### Records for the task
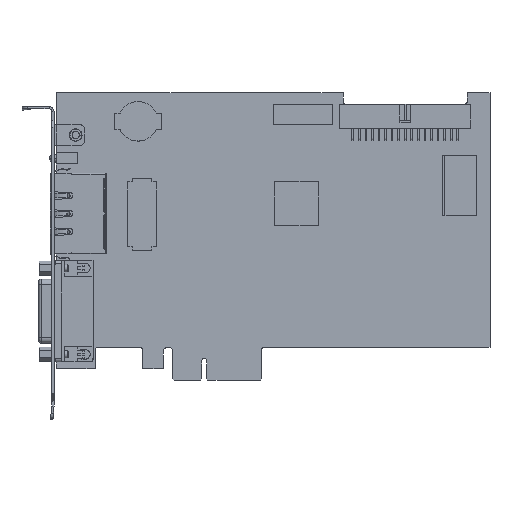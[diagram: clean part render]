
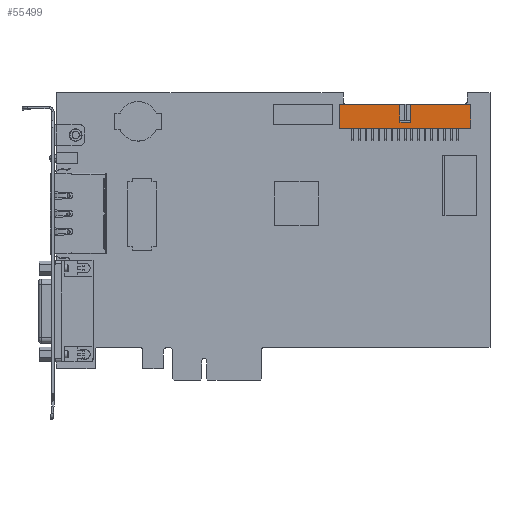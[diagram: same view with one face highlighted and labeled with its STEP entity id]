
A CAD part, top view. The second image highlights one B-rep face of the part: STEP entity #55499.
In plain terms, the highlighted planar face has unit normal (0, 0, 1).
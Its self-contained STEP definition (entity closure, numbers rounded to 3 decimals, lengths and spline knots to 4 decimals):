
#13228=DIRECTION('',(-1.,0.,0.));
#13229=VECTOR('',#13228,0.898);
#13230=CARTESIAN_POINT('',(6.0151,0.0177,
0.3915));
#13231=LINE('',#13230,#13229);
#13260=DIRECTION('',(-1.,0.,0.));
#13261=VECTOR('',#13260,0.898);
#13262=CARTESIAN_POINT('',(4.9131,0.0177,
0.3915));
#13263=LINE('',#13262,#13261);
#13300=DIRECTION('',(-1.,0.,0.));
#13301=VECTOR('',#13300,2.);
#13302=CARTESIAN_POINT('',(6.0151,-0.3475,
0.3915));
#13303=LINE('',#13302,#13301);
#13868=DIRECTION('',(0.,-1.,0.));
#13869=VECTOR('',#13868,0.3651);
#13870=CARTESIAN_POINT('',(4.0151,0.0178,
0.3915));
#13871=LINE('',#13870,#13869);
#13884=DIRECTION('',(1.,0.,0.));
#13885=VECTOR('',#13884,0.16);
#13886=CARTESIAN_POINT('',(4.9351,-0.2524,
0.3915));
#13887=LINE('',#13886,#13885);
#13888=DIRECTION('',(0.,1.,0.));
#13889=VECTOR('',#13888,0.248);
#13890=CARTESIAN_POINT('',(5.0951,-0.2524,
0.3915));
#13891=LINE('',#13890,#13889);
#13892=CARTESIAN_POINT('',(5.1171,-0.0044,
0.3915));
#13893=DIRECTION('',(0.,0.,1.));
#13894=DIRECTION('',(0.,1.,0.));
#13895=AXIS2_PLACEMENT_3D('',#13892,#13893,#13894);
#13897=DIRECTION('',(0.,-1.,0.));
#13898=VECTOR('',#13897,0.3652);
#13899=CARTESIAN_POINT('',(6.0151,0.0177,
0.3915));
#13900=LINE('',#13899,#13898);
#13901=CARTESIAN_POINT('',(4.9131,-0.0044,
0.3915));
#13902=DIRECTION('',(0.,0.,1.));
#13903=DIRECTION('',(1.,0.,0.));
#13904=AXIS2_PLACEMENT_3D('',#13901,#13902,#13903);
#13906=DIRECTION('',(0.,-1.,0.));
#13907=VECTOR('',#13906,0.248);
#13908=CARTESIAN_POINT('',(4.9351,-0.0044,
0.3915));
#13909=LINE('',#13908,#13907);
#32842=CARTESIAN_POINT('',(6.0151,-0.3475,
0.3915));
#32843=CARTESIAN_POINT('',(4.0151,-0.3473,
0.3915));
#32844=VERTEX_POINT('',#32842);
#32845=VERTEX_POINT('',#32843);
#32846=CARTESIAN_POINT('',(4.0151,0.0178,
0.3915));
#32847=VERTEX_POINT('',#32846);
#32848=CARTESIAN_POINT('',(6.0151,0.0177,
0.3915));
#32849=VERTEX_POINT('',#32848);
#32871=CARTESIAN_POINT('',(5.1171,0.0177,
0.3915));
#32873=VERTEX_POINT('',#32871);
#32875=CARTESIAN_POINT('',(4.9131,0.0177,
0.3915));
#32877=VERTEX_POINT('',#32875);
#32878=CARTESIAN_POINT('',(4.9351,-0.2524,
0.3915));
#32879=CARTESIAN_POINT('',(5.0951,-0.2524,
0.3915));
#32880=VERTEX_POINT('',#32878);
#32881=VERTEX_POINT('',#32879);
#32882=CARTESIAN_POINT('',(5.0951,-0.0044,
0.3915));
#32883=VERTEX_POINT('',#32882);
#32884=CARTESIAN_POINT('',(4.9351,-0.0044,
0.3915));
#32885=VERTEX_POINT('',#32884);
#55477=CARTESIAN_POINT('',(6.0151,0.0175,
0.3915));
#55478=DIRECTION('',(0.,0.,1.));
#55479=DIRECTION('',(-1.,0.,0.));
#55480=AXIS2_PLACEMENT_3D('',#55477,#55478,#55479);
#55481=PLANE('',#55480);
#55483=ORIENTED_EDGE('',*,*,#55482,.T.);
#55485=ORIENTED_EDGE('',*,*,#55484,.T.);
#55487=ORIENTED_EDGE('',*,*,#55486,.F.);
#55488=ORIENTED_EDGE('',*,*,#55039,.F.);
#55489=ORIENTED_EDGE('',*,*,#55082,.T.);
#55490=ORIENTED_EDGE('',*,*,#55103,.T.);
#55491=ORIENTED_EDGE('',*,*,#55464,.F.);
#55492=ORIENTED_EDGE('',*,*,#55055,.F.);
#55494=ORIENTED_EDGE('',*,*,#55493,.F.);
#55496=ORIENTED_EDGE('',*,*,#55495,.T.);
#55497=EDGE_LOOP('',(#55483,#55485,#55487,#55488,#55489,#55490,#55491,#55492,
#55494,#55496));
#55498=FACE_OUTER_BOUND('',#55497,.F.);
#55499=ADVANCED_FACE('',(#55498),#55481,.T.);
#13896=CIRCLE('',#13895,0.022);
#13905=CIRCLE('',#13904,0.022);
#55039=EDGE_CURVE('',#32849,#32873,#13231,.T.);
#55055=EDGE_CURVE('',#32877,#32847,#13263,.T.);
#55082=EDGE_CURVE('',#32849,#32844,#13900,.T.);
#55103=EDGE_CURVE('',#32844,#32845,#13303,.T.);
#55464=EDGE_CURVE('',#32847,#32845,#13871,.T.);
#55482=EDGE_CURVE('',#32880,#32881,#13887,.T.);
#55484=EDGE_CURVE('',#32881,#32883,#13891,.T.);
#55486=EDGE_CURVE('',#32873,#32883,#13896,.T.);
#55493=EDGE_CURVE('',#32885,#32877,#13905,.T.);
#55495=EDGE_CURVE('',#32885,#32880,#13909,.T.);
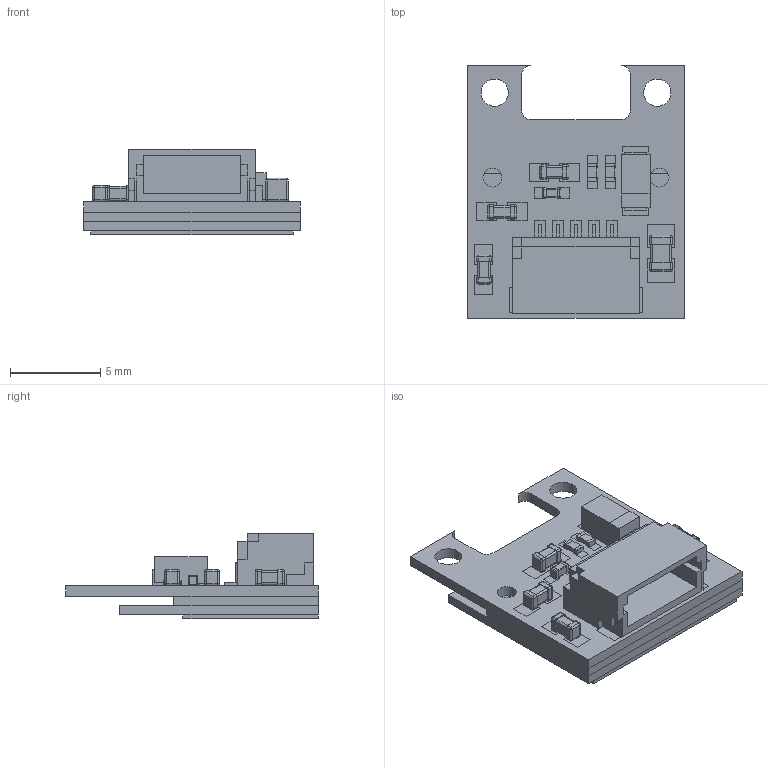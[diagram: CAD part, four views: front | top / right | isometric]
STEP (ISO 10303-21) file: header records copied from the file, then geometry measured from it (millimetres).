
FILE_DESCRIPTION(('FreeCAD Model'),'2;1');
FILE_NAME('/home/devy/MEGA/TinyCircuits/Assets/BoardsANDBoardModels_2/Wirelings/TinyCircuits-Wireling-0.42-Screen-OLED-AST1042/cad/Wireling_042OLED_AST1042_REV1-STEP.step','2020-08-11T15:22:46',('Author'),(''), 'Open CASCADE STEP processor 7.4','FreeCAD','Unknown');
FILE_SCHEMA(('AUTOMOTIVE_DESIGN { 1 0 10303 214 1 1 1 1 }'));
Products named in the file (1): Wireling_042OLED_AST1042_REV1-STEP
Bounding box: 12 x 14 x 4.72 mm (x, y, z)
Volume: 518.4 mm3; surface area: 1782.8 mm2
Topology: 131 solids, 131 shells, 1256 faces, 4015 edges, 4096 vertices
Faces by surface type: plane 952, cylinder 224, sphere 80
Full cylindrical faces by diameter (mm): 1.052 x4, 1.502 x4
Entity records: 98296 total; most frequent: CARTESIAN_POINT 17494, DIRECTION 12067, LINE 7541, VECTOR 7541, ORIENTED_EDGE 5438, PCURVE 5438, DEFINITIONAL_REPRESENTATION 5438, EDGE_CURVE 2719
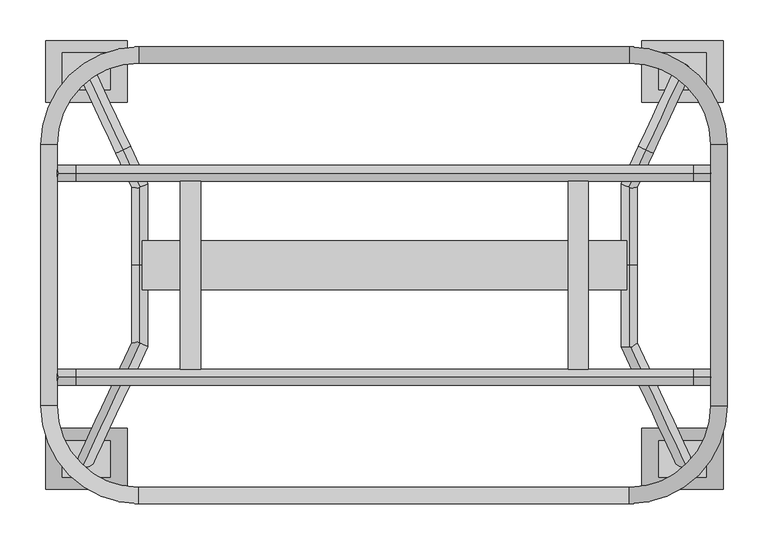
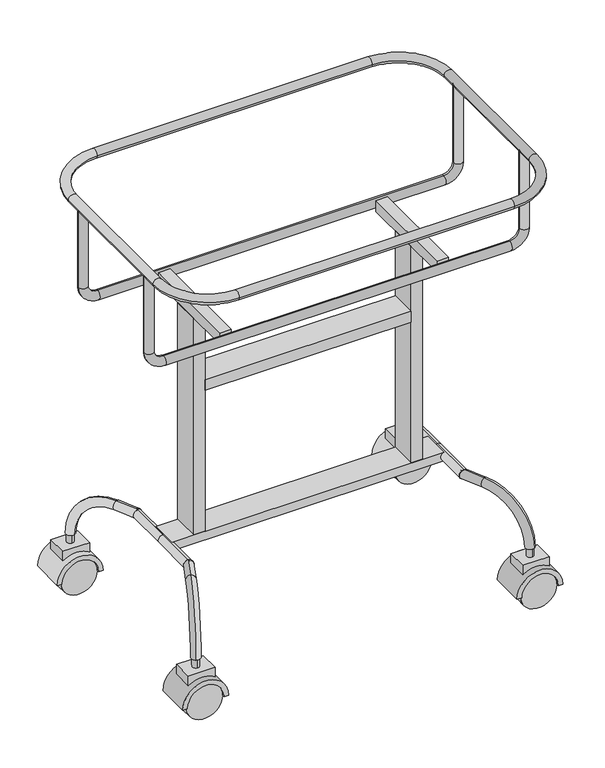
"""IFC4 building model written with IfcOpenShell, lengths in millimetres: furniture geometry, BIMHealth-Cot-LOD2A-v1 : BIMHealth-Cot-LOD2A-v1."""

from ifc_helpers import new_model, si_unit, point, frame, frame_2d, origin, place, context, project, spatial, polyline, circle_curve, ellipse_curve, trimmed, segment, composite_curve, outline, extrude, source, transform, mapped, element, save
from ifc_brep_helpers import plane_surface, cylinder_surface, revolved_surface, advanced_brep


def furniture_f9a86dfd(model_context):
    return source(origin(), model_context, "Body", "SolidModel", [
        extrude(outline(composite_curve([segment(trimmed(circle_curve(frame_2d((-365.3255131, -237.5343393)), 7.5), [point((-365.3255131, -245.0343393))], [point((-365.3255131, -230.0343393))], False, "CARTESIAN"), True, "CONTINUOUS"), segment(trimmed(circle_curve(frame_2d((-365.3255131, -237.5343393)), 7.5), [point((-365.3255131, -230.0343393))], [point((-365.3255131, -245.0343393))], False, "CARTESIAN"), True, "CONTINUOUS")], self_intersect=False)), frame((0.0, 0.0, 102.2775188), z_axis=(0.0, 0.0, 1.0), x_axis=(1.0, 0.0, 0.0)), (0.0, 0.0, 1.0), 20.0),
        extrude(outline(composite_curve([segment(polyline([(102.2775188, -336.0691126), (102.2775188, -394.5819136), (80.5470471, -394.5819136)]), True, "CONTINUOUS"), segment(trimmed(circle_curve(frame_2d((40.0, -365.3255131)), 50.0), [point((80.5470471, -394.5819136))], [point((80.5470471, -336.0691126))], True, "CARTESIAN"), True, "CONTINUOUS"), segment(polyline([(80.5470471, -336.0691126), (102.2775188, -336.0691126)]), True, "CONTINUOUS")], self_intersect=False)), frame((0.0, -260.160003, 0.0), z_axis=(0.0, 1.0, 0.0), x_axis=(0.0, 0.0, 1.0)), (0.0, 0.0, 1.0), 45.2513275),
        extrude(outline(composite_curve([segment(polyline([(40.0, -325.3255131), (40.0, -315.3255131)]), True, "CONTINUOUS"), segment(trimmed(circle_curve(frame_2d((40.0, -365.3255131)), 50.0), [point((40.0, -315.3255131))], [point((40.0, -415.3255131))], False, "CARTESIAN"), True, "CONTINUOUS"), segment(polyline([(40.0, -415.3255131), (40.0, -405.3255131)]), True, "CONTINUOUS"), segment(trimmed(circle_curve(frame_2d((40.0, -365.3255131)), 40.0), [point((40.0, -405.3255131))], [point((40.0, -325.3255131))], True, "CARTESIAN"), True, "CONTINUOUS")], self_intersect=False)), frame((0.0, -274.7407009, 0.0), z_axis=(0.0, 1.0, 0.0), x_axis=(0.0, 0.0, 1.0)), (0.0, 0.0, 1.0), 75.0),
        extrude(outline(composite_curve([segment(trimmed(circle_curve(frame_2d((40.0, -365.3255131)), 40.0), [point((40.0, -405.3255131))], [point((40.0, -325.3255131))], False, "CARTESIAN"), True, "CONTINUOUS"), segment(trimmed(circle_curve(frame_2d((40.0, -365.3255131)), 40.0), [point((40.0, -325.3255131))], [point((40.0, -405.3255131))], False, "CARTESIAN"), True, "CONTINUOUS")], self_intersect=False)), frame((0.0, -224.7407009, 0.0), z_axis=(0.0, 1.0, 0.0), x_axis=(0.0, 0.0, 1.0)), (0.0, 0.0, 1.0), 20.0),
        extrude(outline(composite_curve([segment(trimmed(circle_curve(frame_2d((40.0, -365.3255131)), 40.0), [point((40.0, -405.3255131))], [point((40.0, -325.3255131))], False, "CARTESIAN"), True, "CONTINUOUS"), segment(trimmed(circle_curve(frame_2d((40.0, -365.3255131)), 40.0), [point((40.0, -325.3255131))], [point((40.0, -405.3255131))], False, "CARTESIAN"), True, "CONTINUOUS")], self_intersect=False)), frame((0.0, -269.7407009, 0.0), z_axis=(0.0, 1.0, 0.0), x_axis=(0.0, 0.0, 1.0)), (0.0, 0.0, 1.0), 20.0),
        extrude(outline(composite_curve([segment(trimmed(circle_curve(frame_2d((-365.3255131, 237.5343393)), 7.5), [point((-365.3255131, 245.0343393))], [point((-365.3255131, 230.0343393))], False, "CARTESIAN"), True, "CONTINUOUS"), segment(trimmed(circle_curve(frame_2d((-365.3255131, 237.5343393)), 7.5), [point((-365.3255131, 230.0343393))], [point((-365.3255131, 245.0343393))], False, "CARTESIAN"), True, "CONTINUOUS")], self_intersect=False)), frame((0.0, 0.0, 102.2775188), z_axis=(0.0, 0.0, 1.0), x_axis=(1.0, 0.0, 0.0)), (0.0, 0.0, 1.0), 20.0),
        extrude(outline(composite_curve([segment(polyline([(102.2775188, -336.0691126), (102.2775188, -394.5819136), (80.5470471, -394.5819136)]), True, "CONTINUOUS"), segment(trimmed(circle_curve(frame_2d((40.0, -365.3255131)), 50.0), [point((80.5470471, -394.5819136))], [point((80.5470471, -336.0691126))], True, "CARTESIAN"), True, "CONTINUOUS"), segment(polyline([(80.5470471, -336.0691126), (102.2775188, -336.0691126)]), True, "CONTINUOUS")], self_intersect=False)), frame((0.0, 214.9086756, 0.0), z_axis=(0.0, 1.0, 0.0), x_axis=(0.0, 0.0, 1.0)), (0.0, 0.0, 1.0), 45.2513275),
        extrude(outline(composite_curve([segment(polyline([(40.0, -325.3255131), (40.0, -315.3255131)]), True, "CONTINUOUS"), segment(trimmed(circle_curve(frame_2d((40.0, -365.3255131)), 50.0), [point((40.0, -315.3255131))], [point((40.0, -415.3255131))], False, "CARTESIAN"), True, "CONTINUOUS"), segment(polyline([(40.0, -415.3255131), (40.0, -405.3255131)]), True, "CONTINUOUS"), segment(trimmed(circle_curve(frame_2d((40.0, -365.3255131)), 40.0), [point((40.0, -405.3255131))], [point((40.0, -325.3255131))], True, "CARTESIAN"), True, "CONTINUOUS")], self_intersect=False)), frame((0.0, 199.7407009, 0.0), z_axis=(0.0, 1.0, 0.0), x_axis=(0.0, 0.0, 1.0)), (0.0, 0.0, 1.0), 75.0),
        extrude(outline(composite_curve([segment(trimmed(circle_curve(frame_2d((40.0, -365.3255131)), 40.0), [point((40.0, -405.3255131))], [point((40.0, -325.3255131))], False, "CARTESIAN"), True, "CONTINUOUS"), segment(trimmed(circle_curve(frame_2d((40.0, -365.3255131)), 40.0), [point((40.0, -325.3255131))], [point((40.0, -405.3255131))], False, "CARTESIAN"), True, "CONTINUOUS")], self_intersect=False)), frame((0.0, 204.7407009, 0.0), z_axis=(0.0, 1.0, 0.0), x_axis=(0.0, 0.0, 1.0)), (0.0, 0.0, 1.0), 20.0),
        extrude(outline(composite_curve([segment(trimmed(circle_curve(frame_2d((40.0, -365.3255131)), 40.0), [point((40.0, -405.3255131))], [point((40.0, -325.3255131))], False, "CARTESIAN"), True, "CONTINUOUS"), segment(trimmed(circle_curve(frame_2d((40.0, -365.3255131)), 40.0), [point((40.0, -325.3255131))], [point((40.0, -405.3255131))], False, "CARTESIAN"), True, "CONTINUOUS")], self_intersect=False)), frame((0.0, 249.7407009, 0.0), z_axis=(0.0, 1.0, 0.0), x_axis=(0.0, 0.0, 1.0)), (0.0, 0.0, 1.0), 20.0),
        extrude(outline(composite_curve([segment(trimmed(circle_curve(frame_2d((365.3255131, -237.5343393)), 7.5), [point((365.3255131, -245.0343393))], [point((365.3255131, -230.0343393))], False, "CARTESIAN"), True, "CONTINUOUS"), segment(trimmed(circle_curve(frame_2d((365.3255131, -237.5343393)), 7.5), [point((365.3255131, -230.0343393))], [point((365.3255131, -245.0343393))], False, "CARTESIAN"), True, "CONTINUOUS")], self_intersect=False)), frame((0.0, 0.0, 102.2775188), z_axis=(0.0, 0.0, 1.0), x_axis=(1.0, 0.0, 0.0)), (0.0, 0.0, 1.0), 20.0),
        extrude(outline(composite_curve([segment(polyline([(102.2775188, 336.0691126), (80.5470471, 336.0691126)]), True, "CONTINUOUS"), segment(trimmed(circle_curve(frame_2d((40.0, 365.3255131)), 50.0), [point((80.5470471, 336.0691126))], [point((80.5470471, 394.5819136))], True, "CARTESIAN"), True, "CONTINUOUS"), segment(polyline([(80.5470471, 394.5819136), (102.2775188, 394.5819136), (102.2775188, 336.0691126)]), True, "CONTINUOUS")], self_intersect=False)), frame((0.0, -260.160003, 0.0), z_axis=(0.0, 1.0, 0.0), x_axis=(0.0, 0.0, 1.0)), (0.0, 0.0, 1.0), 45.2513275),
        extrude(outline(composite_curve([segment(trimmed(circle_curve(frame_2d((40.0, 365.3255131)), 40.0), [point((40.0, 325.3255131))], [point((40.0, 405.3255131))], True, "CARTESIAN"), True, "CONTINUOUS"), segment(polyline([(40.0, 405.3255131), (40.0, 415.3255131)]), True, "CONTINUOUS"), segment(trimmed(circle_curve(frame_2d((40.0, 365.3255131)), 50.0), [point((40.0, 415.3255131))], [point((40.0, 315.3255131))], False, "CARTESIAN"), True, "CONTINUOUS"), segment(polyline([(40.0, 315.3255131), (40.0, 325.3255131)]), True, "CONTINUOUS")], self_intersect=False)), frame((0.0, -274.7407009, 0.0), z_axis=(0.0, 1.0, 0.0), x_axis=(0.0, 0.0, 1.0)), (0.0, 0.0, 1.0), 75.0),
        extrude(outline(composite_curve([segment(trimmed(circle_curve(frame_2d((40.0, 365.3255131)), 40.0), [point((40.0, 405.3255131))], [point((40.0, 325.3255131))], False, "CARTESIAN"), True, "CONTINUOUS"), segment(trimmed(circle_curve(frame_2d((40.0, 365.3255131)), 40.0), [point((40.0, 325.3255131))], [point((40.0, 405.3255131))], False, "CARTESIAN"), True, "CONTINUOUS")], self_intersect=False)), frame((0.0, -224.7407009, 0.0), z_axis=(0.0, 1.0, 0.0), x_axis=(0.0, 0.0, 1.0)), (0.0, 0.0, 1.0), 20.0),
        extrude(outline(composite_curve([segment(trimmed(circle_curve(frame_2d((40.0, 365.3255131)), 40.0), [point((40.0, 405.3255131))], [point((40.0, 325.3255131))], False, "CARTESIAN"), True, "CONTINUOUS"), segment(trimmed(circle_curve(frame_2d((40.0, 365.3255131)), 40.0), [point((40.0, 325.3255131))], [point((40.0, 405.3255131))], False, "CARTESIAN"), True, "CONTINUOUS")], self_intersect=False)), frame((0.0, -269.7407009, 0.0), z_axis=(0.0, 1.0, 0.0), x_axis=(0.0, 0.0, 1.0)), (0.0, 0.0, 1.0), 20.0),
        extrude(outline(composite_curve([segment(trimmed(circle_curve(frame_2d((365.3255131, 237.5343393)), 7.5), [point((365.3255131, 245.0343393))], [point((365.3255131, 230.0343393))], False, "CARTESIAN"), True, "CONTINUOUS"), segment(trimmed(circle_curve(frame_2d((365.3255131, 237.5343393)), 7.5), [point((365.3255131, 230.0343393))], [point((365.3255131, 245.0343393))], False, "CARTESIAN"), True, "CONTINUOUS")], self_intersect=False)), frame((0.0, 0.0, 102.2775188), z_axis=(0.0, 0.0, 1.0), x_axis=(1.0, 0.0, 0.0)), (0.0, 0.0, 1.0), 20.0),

### What the task requires
Look back at the entries above and repeat, unchanged, every line from the line holding "#55490=ORIENTED_EDGE('',*,*,#55103,.T.);" through the line holding "#55498=FACE_OUTER_BOUND('',#55497,.F.);".

### The completed task
#55490=ORIENTED_EDGE('',*,*,#55103,.T.);
#55491=ORIENTED_EDGE('',*,*,#55464,.F.);
#55492=ORIENTED_EDGE('',*,*,#55055,.F.);
#55494=ORIENTED_EDGE('',*,*,#55493,.F.);
#55496=ORIENTED_EDGE('',*,*,#55495,.T.);
#55497=EDGE_LOOP('',(#55483,#55485,#55487,#55488,#55489,#55490,#55491,#55492,
#55494,#55496));
#55498=FACE_OUTER_BOUND('',#55497,.F.);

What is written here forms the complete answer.